ACTIVITY: Ignoring the images, restate the records below word for word.
MATERIALS PROVIDED START
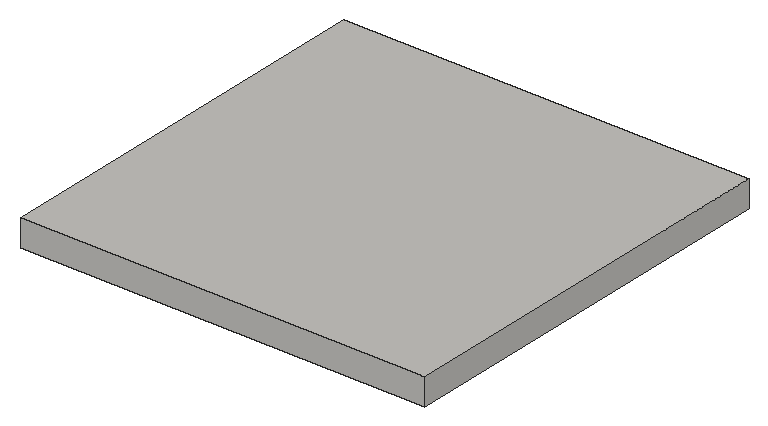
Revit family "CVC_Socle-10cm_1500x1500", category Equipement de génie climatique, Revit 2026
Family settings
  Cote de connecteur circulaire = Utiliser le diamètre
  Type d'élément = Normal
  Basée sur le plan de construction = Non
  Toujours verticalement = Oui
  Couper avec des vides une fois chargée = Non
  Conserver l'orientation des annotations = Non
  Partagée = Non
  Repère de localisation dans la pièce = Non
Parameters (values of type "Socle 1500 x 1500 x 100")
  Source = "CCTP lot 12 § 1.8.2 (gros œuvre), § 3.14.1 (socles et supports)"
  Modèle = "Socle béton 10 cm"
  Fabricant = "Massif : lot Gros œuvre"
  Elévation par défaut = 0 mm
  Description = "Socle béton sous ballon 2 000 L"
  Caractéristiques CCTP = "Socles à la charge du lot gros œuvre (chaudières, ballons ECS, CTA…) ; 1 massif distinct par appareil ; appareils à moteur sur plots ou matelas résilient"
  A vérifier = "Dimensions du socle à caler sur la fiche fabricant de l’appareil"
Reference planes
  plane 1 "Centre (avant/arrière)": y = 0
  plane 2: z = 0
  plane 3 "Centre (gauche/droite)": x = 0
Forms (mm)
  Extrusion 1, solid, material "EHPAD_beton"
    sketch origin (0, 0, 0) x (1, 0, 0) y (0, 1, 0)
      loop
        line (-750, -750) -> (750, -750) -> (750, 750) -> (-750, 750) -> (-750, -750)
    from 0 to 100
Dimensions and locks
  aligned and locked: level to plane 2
MATERIALS PROVIDED END
TASK ANSWER:
Revit family "CVC_Socle-10cm_1500x1500", category Equipement de génie climatique, Revit 2026
Family settings
  Cote de connecteur circulaire = Utiliser le diamètre
  Type d'élément = Normal
  Basée sur le plan de construction = Non
  Toujours verticalement = Oui
  Couper avec des vides une fois chargée = Non
  Conserver l'orientation des annotations = Non
  Partagée = Non
  Repère de localisation dans la pièce = Non
Parameters (values of type "Socle 1500 x 1500 x 100")
  Source = "CCTP lot 12 § 1.8.2 (gros œuvre), § 3.14.1 (socles et supports)"
  Modèle = "Socle béton 10 cm"
  Fabricant = "Massif : lot Gros œuvre"
  Elévation par défaut = 0 mm
  Description = "Socle béton sous ballon 2 000 L"
  Caractéristiques CCTP = "Socles à la charge du lot gros œuvre (chaudières, ballons ECS, CTA…) ; 1 massif distinct par appareil ; appareils à moteur sur plots ou matelas résilient"
  A vérifier = "Dimensions du socle à caler sur la fiche fabricant de l’appareil"
Reference planes
  plane 1 "Centre (avant/arrière)": y = 0
  plane 2: z = 0
  plane 3 "Centre (gauche/droite)": x = 0
Forms (mm)
  Extrusion 1, solid, material "EHPAD_beton"
    sketch origin (0, 0, 0) x (1, 0, 0) y (0, 1, 0)
      loop
        line (-750, -750) -> (750, -750) -> (750, 750) -> (-750, 750) -> (-750, -750)
    from 0 to 100
Dimensions and locks
  aligned and locked: level to plane 2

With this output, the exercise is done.